Task requirements = Find all lines in the listing that include the word "name", then copy them.

Material shown =
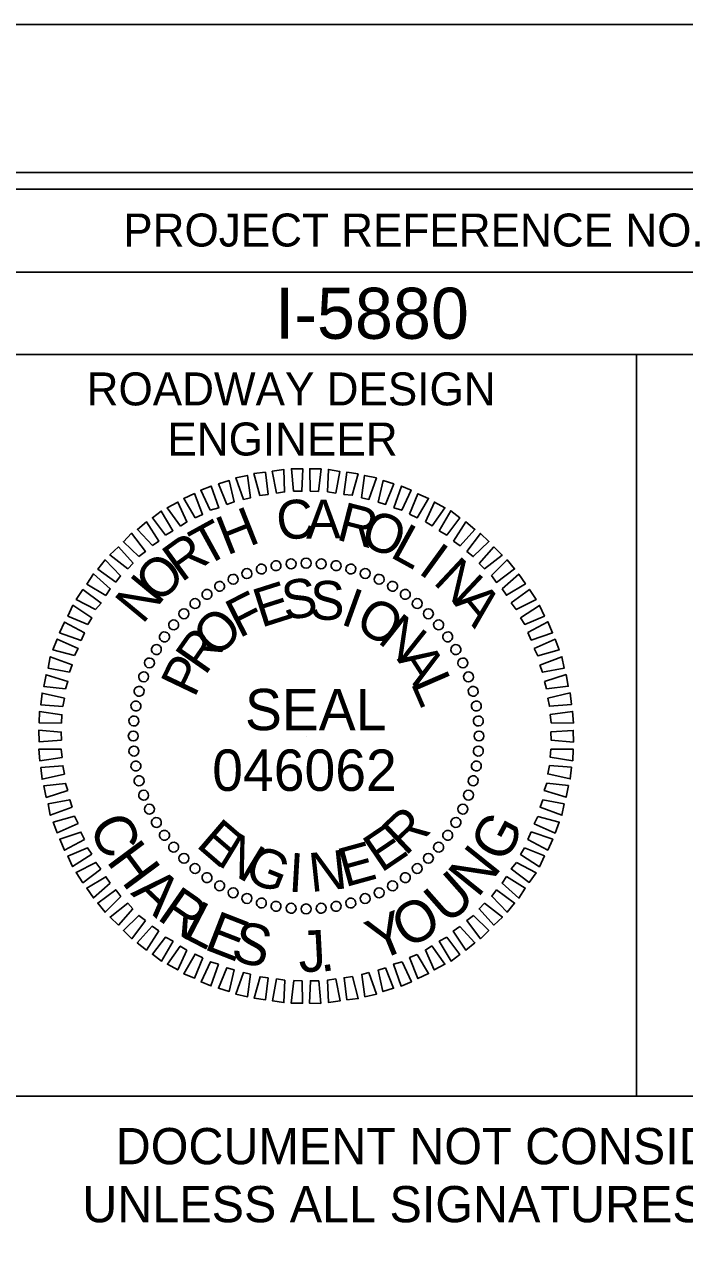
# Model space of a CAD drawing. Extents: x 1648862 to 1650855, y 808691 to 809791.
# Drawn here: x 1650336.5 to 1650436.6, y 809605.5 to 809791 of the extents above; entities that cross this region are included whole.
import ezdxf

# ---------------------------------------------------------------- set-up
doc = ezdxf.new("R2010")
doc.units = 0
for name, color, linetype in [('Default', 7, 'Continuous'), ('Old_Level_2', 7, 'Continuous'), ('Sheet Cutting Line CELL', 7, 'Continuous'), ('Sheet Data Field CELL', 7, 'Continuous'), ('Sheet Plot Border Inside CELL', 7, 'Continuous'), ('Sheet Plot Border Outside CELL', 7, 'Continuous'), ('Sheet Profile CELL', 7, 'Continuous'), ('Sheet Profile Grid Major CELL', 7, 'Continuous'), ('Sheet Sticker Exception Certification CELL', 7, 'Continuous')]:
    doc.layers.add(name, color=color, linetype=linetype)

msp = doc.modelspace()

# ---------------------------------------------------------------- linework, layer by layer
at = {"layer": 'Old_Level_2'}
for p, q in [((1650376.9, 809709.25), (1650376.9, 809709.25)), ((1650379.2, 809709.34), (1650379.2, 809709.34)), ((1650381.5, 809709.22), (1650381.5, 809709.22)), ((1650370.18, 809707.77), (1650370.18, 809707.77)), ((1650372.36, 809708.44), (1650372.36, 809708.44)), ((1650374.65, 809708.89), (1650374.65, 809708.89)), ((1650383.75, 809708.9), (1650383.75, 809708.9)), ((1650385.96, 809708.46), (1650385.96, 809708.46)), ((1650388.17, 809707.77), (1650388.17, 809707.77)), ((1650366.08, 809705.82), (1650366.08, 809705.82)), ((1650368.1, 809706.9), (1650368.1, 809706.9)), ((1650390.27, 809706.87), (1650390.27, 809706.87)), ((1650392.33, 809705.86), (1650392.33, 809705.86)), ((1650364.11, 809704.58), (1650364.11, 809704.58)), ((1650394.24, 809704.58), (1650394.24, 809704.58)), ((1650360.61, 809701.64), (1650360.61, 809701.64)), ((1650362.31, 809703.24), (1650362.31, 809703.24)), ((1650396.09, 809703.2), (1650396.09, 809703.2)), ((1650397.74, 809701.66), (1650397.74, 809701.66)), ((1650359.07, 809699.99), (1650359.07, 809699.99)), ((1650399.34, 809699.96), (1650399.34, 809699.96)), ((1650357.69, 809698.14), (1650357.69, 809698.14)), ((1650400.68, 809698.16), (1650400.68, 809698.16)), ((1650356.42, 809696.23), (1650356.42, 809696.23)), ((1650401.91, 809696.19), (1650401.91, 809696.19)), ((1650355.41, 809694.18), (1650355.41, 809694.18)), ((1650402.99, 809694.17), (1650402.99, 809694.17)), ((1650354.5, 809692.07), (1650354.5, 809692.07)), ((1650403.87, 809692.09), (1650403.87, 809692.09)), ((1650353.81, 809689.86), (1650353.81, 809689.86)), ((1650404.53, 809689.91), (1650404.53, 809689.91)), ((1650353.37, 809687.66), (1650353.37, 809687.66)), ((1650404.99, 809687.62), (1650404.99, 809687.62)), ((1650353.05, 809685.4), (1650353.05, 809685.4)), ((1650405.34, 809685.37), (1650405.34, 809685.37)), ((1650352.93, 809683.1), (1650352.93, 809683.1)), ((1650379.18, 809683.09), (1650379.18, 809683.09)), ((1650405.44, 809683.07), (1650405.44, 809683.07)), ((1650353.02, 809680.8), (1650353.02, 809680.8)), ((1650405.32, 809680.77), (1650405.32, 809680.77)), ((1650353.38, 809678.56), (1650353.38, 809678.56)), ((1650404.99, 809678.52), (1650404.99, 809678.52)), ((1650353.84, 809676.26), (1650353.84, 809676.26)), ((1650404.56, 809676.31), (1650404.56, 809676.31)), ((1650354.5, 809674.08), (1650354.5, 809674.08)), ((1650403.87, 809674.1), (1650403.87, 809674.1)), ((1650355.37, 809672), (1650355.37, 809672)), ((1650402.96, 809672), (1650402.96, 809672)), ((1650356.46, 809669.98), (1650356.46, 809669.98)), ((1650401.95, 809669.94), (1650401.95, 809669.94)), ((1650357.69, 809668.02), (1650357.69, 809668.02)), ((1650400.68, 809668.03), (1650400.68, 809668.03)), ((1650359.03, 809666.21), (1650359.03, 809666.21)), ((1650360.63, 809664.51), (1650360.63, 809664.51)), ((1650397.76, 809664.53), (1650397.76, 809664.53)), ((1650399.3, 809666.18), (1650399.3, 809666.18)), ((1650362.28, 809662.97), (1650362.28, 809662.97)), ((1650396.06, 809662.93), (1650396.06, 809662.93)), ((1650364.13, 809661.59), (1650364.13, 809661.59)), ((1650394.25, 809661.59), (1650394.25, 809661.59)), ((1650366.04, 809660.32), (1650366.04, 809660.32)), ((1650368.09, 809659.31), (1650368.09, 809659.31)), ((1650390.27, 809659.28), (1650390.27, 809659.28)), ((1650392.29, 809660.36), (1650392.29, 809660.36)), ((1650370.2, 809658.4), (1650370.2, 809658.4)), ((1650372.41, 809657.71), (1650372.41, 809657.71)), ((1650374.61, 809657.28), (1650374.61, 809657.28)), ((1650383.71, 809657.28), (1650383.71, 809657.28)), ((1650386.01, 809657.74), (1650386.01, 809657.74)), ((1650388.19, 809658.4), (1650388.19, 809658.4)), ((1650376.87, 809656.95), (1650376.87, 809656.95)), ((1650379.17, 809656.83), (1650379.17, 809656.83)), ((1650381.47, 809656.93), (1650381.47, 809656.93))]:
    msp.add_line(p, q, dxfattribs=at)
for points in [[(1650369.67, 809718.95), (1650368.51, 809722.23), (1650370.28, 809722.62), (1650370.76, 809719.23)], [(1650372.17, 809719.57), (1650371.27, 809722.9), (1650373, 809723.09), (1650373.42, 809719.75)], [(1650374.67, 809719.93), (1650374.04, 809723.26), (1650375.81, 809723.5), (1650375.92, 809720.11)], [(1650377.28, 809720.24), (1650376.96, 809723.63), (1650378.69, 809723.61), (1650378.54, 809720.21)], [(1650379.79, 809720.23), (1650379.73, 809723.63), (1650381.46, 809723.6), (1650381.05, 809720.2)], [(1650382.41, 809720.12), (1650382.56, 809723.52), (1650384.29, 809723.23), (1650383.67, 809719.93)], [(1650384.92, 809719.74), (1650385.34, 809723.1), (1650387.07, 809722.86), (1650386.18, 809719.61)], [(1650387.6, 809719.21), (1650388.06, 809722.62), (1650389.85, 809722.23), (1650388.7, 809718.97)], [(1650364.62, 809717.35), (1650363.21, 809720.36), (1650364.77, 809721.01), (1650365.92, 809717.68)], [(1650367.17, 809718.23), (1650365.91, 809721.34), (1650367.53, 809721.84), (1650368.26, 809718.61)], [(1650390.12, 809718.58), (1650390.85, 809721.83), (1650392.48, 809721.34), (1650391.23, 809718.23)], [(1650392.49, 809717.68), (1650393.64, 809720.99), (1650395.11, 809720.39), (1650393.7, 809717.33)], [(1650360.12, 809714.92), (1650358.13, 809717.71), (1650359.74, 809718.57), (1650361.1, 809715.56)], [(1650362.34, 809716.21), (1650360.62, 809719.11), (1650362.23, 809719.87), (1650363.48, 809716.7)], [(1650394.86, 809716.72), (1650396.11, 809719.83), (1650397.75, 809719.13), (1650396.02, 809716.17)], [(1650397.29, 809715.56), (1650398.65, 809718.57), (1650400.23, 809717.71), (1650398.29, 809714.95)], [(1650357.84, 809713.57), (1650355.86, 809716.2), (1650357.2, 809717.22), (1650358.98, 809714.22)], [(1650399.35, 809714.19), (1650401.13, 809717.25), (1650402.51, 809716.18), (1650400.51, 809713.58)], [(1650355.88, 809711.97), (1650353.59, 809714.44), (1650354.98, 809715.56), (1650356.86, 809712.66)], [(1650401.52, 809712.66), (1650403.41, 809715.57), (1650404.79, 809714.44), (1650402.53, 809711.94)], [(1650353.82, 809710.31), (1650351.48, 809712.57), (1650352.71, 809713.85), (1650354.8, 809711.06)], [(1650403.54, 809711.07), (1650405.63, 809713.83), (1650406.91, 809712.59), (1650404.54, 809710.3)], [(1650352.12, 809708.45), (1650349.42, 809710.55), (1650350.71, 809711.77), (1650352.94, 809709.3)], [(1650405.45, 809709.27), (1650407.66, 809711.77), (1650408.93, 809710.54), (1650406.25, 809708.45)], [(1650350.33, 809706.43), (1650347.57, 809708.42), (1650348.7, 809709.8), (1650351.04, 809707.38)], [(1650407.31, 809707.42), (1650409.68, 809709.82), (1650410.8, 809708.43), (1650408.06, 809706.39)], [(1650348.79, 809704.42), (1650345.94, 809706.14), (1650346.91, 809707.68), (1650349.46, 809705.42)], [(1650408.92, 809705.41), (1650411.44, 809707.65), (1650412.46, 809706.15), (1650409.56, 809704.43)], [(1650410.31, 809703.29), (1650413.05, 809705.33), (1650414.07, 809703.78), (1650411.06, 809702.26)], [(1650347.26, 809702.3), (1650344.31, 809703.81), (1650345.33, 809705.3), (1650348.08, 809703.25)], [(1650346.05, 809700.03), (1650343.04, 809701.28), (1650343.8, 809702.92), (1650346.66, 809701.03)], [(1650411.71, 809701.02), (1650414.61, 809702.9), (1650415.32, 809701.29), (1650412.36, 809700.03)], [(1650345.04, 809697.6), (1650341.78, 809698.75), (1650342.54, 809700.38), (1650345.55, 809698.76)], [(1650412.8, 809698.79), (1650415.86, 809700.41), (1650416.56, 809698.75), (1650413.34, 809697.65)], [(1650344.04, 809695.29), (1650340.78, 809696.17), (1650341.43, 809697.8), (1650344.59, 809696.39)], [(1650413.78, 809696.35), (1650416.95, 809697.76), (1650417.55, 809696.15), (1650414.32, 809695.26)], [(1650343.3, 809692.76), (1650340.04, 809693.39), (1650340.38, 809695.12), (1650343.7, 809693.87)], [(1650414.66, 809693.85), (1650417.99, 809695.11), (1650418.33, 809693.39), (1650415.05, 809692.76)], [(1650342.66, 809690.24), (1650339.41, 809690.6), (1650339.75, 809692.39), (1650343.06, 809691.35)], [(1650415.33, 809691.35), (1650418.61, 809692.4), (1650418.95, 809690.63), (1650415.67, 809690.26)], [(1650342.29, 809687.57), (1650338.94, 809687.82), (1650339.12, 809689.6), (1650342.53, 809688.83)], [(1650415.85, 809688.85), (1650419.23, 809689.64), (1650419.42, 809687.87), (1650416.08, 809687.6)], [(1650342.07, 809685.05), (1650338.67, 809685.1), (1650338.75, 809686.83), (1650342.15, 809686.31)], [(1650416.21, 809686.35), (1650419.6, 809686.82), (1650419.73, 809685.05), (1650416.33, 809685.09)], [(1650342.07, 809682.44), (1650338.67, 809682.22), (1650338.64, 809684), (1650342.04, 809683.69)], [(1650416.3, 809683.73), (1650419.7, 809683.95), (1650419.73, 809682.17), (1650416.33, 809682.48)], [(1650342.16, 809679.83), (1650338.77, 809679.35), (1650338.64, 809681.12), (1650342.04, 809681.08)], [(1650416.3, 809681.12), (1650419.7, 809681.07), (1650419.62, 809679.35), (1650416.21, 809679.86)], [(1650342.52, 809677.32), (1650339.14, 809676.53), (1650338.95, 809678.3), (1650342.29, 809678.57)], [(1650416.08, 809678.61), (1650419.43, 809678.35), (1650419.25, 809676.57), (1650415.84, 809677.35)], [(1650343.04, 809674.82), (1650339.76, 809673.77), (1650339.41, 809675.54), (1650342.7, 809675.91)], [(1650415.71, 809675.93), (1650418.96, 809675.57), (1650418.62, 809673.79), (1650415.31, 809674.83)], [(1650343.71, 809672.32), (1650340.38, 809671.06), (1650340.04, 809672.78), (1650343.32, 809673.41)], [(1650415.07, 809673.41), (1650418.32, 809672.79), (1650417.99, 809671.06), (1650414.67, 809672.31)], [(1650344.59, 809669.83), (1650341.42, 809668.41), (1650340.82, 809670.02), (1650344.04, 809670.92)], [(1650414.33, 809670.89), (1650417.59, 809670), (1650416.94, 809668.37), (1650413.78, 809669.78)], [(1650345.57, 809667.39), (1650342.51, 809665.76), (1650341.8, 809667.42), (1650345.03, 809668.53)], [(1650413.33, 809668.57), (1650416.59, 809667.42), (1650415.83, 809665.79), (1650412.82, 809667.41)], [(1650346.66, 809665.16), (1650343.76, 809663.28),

Reply to the task =
for name, color, linetype in [('Default', 7, 'Continuous'), ('Old_Level_2', 7, 'Continuous'), ('Sheet Cutting Line CELL', 7, 'Continuous'), ('Sheet Data Field CELL', 7, 'Continuous'), ('Sheet Plot Border Inside CELL', 7, 'Continuous'), ('Sheet Plot Border Outside CELL', 7, 'Continuous'), ('Sheet Profile CELL', 7, 'Continuous'), ('Sheet Profile Grid Major CELL', 7, 'Continuous'), ('Sheet Sticker Exception Certification CELL', 7, 'Continuous')]:
    doc.layers.add(name, color=color, linetype=linetype)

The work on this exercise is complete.